[DATA FOR THIS EXERCISE — start]

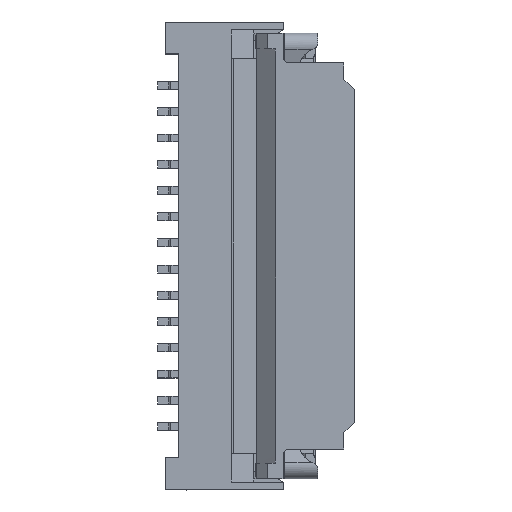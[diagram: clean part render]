
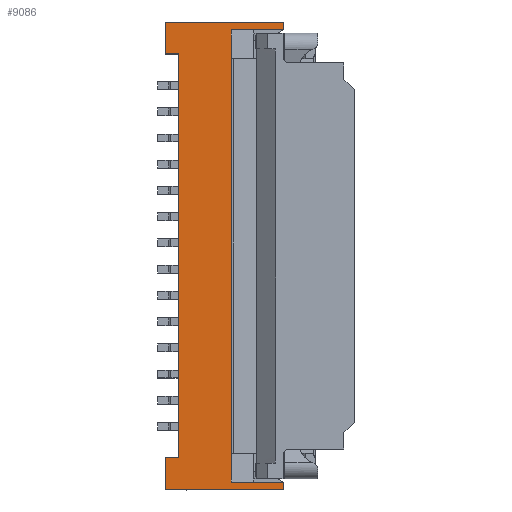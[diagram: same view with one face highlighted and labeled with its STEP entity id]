
A CAD part, top view. The second image highlights one B-rep face of the part: STEP entity #9086.
In plain terms, the highlighted planar face has unit normal (0, 0, 1).
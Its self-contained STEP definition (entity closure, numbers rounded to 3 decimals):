
#131 = CARTESIAN_POINT ( 'NONE',  ( 1.132, -7.161, -0.021 ) ) ;
#183 = CARTESIAN_POINT ( 'NONE',  ( 0.132, 1.459, -0.021 ) ) ;
#221 = ORIENTED_EDGE ( 'NONE', *, *, #9702, .F. ) ;
#240 = CARTESIAN_POINT ( 'NONE',  ( 0.132, -2.161, -0.021 ) ) ;
#245 = CARTESIAN_POINT ( 'NONE',  ( -1.118, 1.609, -0.021 ) ) ;
#277 = CARTESIAN_POINT ( 'NONE',  ( -1.118, 0.999, -0.021 ) ) ;
#294 = VERTEX_POINT ( 'NONE', #277 ) ;
#324 = VERTEX_POINT ( 'NONE', #2697 ) ;
#380 = EDGE_CURVE ( 'NONE', #12822, #12140, #9799, .T. ) ;
#414 = DIRECTION ( 'NONE',  ( 1., 0., 0. ) ) ;
#545 = CARTESIAN_POINT ( 'NONE',  ( 0., 5., -0.021 ) ) ;
#596 = ORIENTED_EDGE ( 'NONE', *, *, #6218, .T. ) ;
#670 = LINE ( 'NONE', #14624, #1935 ) ;
#824 = CARTESIAN_POINT ( 'NONE',  ( 1.132, 1.459, -0.021 ) ) ;
#969 = ORIENTED_EDGE ( 'NONE', *, *, #12424, .T. ) ;
#1309 = DIRECTION ( 'NONE',  ( 0., -1., 0. ) ) ;
#1320 = ORIENTED_EDGE ( 'NONE', *, *, #11114, .T. ) ;
#1502 = CARTESIAN_POINT ( 'NONE',  ( -0.868, -6.701, -0.021 ) ) ;
#1649 = ORIENTED_EDGE ( 'NONE', *, *, #380, .T. ) ;
#1731 = VECTOR ( 'NONE', #8073, 1000. ) ;
#1805 = CARTESIAN_POINT ( 'NONE',  ( 1.132, 1.459, -0.021 ) ) ;
#1872 = EDGE_CURVE ( 'NONE', #6510, #8665, #14707, .T. ) ;
#1935 = VECTOR ( 'NONE', #14466, 1000. ) ;
#1959 = DIRECTION ( 'NONE',  ( 0., -1., 0. ) ) ;
#2137 = CARTESIAN_POINT ( 'NONE',  ( 1.132, 1.609, -0.021 ) ) ;
#2206 = CARTESIAN_POINT ( 'NONE',  ( 0.132, -7.161, -0.021 ) ) ;
#2382 = EDGE_CURVE ( 'NONE', #10760, #11619, #6868, .T. ) ;
#2697 = CARTESIAN_POINT ( 'NONE',  ( -1.118, -7.311, -0.021 ) ) ;
#2733 = CARTESIAN_POINT ( 'NONE',  ( -1.118, 1.609, -0.021 ) ) ;
#2761 = CARTESIAN_POINT ( 'NONE',  ( 0.132, 1.459, -0.021 ) ) ;
#2796 = EDGE_CURVE ( 'NONE', #6238, #3716, #6700, .T. ) ;
#3135 = ORIENTED_EDGE ( 'NONE', *, *, #11480, .F. ) ;
#3267 = EDGE_LOOP ( 'NONE', ( #14607, #11628, #6145, #7353, #9491, #221, #3135, #1649, #1320, #13496, #969, #3323, #7593, #596 ) ) ;
#3323 = ORIENTED_EDGE ( 'NONE', *, *, #12404, .T. ) ;
#3505 = VECTOR ( 'NONE', #12120, 1000. ) ;
#3716 = VERTEX_POINT ( 'NONE', #8964 ) ;
#4139 = VECTOR ( 'NONE', #7529, 1000. ) ;
#4393 = VECTOR ( 'NONE', #9854, 1000. ) ;
#4513 = VECTOR ( 'NONE', #1309, 1000. ) ;
#4617 = CARTESIAN_POINT ( 'NONE',  ( 0.132, -6.611, -0.021 ) ) ;
#4849 = DIRECTION ( 'NONE',  ( 0., 1., 0. ) ) ;
#4861 = LINE ( 'NONE', #183, #4513 ) ;
#5168 = CARTESIAN_POINT ( 'NONE',  ( 0.132, -7.161, -0.021 ) ) ;
#5242 = CARTESIAN_POINT ( 'NONE',  ( -0.868, 0.999, -0.021 ) ) ;
#5505 = CARTESIAN_POINT ( 'NONE',  ( -1.118, 0.999, -0.021 ) ) ;
#6145 = ORIENTED_EDGE ( 'NONE', *, *, #1872, .F. ) ;
#6218 = EDGE_CURVE ( 'NONE', #11619, #6238, #13161, .T. ) ;
#6238 = VERTEX_POINT ( 'NONE', #4617 ) ;
#6243 = CARTESIAN_POINT ( 'NONE',  ( -1.118, -6.701, -0.021 ) ) ;
#6358 = CARTESIAN_POINT ( 'NONE',  ( -0.868, 0.999, -0.021 ) ) ;
#6476 = CARTESIAN_POINT ( 'NONE',  ( -0.868, 18.999, -0.021 ) ) ;
#6506 = LINE ( 'NONE', #12309, #10396 ) ;
#6510 = VERTEX_POINT ( 'NONE', #1805 ) ;
#6581 = VECTOR ( 'NONE', #4849, 1000. ) ;
#6700 = LINE ( 'NONE', #240, #6581 ) ;
#6784 = LINE ( 'NONE', #5505, #11768 ) ;
#6808 = VECTOR ( 'NONE', #9000, 1000. ) ;
#6868 = LINE ( 'NONE', #131, #1731 ) ;
#7051 = VECTOR ( 'NONE', #13065, 1000. ) ;
#7201 = CARTESIAN_POINT ( 'NONE',  ( 1.132, -7.161, -0.021 ) ) ;
#7353 = ORIENTED_EDGE ( 'NONE', *, *, #11220, .F. ) ;
#7370 = LINE ( 'NONE', #7440, #4393 ) ;
#7440 = CARTESIAN_POINT ( 'NONE',  ( 1.132, -7.311, -0.021 ) ) ;
#7529 = DIRECTION ( 'NONE',  ( 0., -1., 0. ) ) ;
#7593 = ORIENTED_EDGE ( 'NONE', *, *, #2382, .T. ) ;
#7990 = DIRECTION ( 'NONE',  ( 0., 1., 0. ) ) ;
#8073 = DIRECTION ( 'NONE',  ( -1., 0., 0. ) ) ;
#8095 = CARTESIAN_POINT ( 'NONE',  ( -0.868, -6.701, -0.021 ) ) ;
#8423 = DIRECTION ( 'NONE',  ( 0., -1., 0. ) ) ;
#8665 = VERTEX_POINT ( 'NONE', #2761 ) ;
#8698 = VERTEX_POINT ( 'NONE', #6243 ) ;
#8796 = DIRECTION ( 'NONE',  ( -1., 0., 0. ) ) ;
#8964 = CARTESIAN_POINT ( 'NONE',  ( 0.132, 0.909, -0.021 ) ) ;
#8994 = EDGE_CURVE ( 'NONE', #8665, #3716, #4861, .T. ) ;
#9000 = DIRECTION ( 'NONE',  ( -1., 0., 0. ) ) ;
#9086 = ADVANCED_FACE ( 'NONE', ( #14355 ), #12936, .F. ) ;
#9491 = ORIENTED_EDGE ( 'NONE', *, *, #12778, .F. ) ;
#9702 = EDGE_CURVE ( 'NONE', #294, #13838, #6784, .T. ) ;
#9799 = LINE ( 'NONE', #6476, #4139 ) ;
#9854 = DIRECTION ( 'NONE',  ( 0., 1., 0. ) ) ;
#10396 = VECTOR ( 'NONE', #1959, 1000. ) ;
#10760 = VERTEX_POINT ( 'NONE', #7201 ) ;
#10836 = LINE ( 'NONE', #14505, #12588 ) ;
#10848 = EDGE_CURVE ( 'NONE', #8698, #324, #6506, .T. ) ;
#11114 = EDGE_CURVE ( 'NONE', #12140, #8698, #14031, .T. ) ;
#11220 = EDGE_CURVE ( 'NONE', #12462, #6510, #670, .T. ) ;
#11480 = EDGE_CURVE ( 'NONE', #12822, #294, #12112, .T. ) ;
#11619 = VERTEX_POINT ( 'NONE', #2206 ) ;
#11628 = ORIENTED_EDGE ( 'NONE', *, *, #8994, .F. ) ;
#11768 = VECTOR ( 'NONE', #7990, 1000. ) ;
#11850 = VECTOR ( 'NONE', #8796, 1000. ) ;
#12111 = CARTESIAN_POINT ( 'NONE',  ( 1.132, -7.311, -0.021 ) ) ;
#12112 = LINE ( 'NONE', #5242, #11850 ) ;
#12120 = DIRECTION ( 'NONE',  ( 0., 1., 0. ) ) ;
#12140 = VERTEX_POINT ( 'NONE', #8095 ) ;
#12301 = VERTEX_POINT ( 'NONE', #12111 ) ;
#12309 = CARTESIAN_POINT ( 'NONE',  ( -1.118, -6.701, -0.021 ) ) ;
#12404 = EDGE_CURVE ( 'NONE', #12301, #10760, #7370, .T. ) ;
#12424 = EDGE_CURVE ( 'NONE', #324, #12301, #10836, .T. ) ;
#12462 = VERTEX_POINT ( 'NONE', #2137 ) ;
#12588 = VECTOR ( 'NONE', #414, 1000. ) ;
#12778 = EDGE_CURVE ( 'NONE', #13838, #12462, #14200, .T. ) ;
#12822 = VERTEX_POINT ( 'NONE', #6358 ) ;
#12936 = PLANE ( 'NONE',  #14140 ) ;
#13065 = DIRECTION ( 'NONE',  ( 1., 0., 0. ) ) ;
#13121 = DIRECTION ( 'NONE',  ( -1., 0., 0. ) ) ;
#13161 = LINE ( 'NONE', #5168, #3505 ) ;
#13496 = ORIENTED_EDGE ( 'NONE', *, *, #10848, .T. ) ;
#13838 = VERTEX_POINT ( 'NONE', #245 ) ;
#14031 = LINE ( 'NONE', #1502, #14710 ) ;
#14140 = AXIS2_PLACEMENT_3D ( 'NONE', #545, #14141, #8423 ) ;
#14141 = DIRECTION ( 'NONE',  ( 0., 0., -1. ) ) ;
#14200 = LINE ( 'NONE', #2733, #7051 ) ;
#14355 = FACE_OUTER_BOUND ( 'NONE', #3267, .T. ) ;
#14466 = DIRECTION ( 'NONE',  ( 0., -1., 0. ) ) ;
#14505 = CARTESIAN_POINT ( 'NONE',  ( -1.118, -7.311, -0.021 ) ) ;
#14607 = ORIENTED_EDGE ( 'NONE', *, *, #2796, .T. ) ;
#14624 = CARTESIAN_POINT ( 'NONE',  ( 1.132, 1.609, -0.021 ) ) ;
#14707 = LINE ( 'NONE', #824, #6808 ) ;
#14710 = VECTOR ( 'NONE', #13121, 1000. ) ;

[DATA FOR THIS EXERCISE — finish]

▶ _YOUR GOAL_
Produce a word-for-word copy of everything above from the line holding "#8665 = VERTEX_POINT ( 'NONE', #2761 ) ;" down to the line holding "#11220 = EDGE_CURVE", with both of those lines kept.

▶ _WRITTEN SOLUTION_
#8665 = VERTEX_POINT ( 'NONE', #2761 ) ;
#8698 = VERTEX_POINT ( 'NONE', #6243 ) ;
#8796 = DIRECTION ( 'NONE',  ( -1., 0., 0. ) ) ;
#8964 = CARTESIAN_POINT ( 'NONE',  ( 0.132, 0.909, -0.021 ) ) ;
#8994 = EDGE_CURVE ( 'NONE', #8665, #3716, #4861, .T. ) ;
#9000 = DIRECTION ( 'NONE',  ( -1., 0., 0. ) ) ;
#9086 = ADVANCED_FACE ( 'NONE', ( #14355 ), #12936, .F. ) ;
#9491 = ORIENTED_EDGE ( 'NONE', *, *, #12778, .F. ) ;
#9702 = EDGE_CURVE ( 'NONE', #294, #13838, #6784, .T. ) ;
#9799 = LINE ( 'NONE', #6476, #4139 ) ;
#9854 = DIRECTION ( 'NONE',  ( 0., 1., 0. ) ) ;
#10396 = VECTOR ( 'NONE', #1959, 1000. ) ;
#10760 = VERTEX_POINT ( 'NONE', #7201 ) ;
#10836 = LINE ( 'NONE', #14505, #12588 ) ;
#10848 = EDGE_CURVE ( 'NONE', #8698, #324, #6506, .T. ) ;
#11114 = EDGE_CURVE ( 'NONE', #12140, #8698, #14031, .T. ) ;
#11220 = EDGE_CURVE ( 'NONE', #12462, #6510, #670, .T. ) ;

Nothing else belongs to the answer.